On 19 September 2014, Bari pleaded guilty to three counts of the indictment before federal Judge Lewis A. Kaplan. Charges to which he pleaded guilty were cited as including conspiring to kill U.S. nationals, conspiring to make a threat to kill, injure, intimidate, and damage and destroy property by means of an explosive, and making such a threat. According to the indictment, Bari transmitted, via international telephone calls to the media, the contents of al Qaeda's claims of responsibility for the 7 August 1998, bombings of the United States Embassies in Nairobi, Kenya, and Dar es Salaam, Tanzania, which killed 224 people. The next day, he transmitted threats of future attacks by the same terrorists, to media organizations in France, Qatar and the United Arab Emirates. Bary additionally arranged for messages to be transmitted to and from members of the media to his co-conspirators, including Osama bin Laden and his successor Ayman al-Zawahiri. Judge Kaplan did not immediately accept the plea deal and gave the lawyers for the government and Bari one week to submit letters why he should accept the plea deal. A prosecutor said Bari engaged in no overt acts which resulted in the murders themselves. Two co-defendants, Khalid al Fawwaz and Abu Anas al Libi, were scheduled to commence trial on 3 November 2014 before Judge Kaplan.
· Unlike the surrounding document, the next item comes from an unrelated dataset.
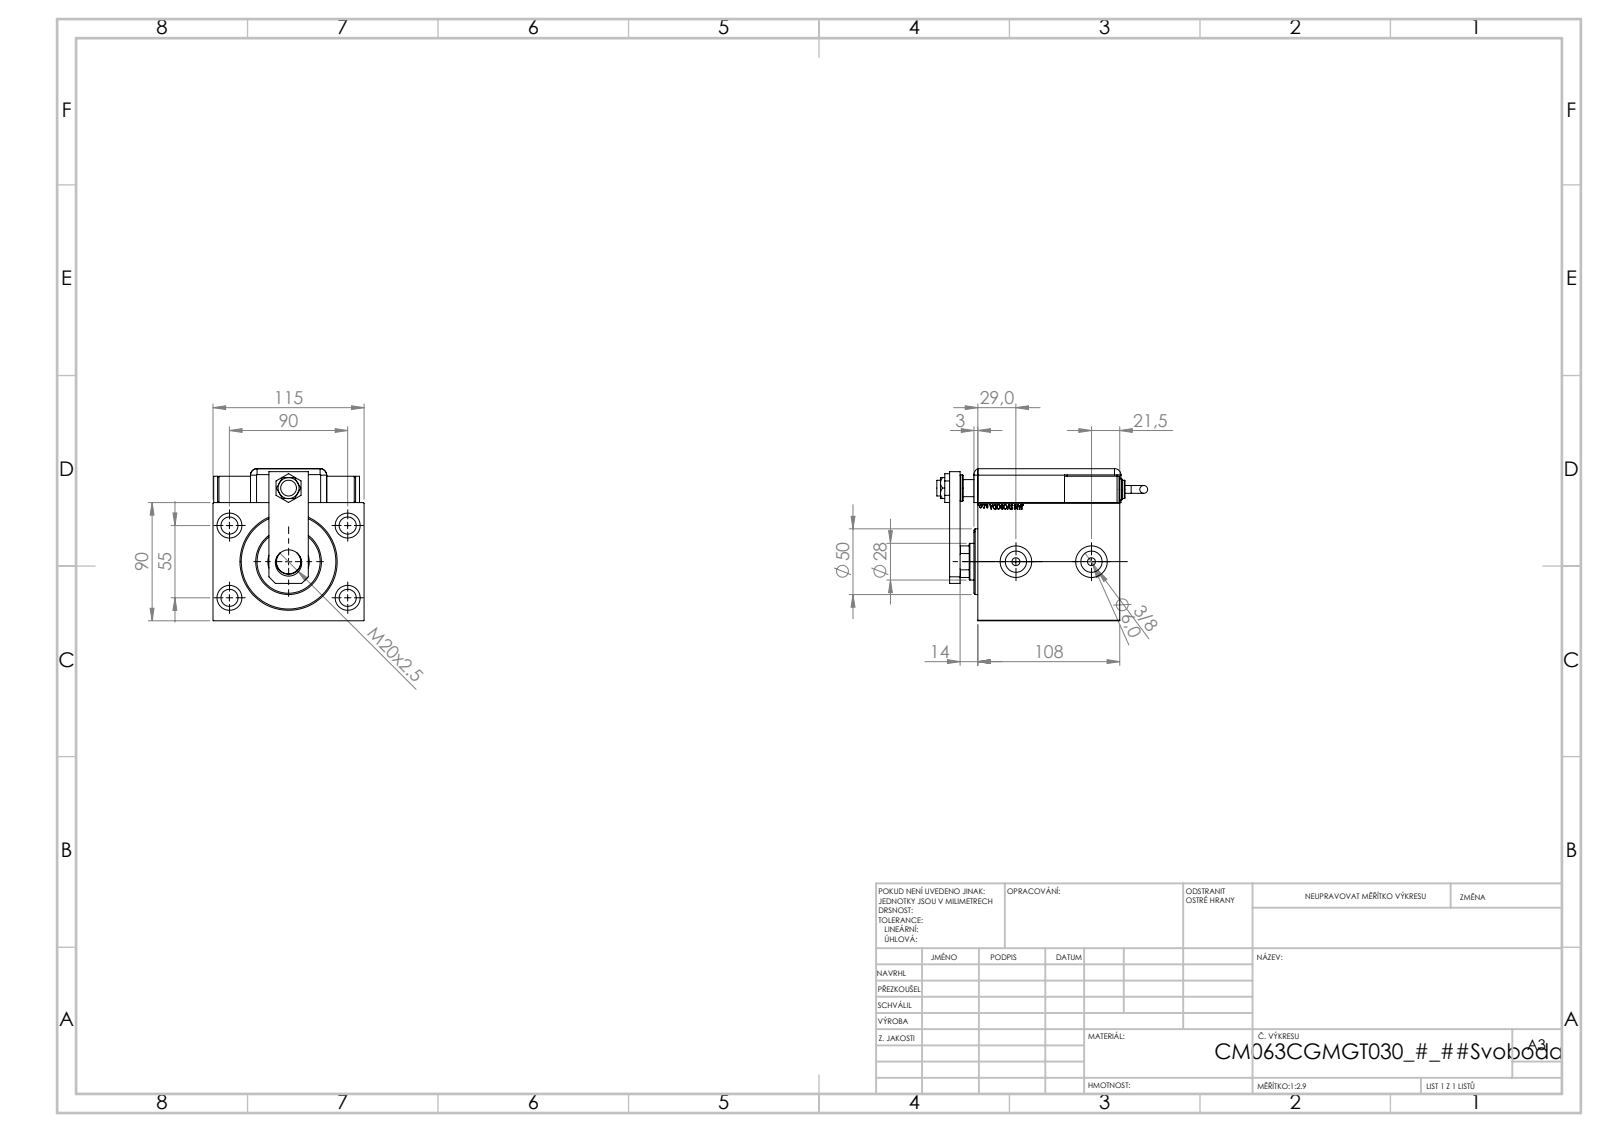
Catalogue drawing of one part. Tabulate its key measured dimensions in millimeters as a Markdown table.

On 6 February 2015, Bari was sentenced to 25 years in prison as a result of a plea bargain. Bari was released on 9 October 2020. He later returned to live in London.

==Personal life==
Adel Abdel Bari and his wife Ragaa, a British citizen since 2009, had six children together including British rapper Abdel-Majed Abdel Bary (1991–2023), who, in August 2014, was described as a "key suspect" in the hunt for Jihadi John, an Islamic State of Iraq and the Levant (also known as ISIL or ISIS) member of a cell known as The Beatles. Bari's son was later found dead on 26 July 2023 in a prison cell, where he had been imprisoned pending the verdict in a trial.

Bari arranged from prison the marriage of the eldest daughter to a cousin of hers. He is a grandfather to babies that were born during his UK prison stay.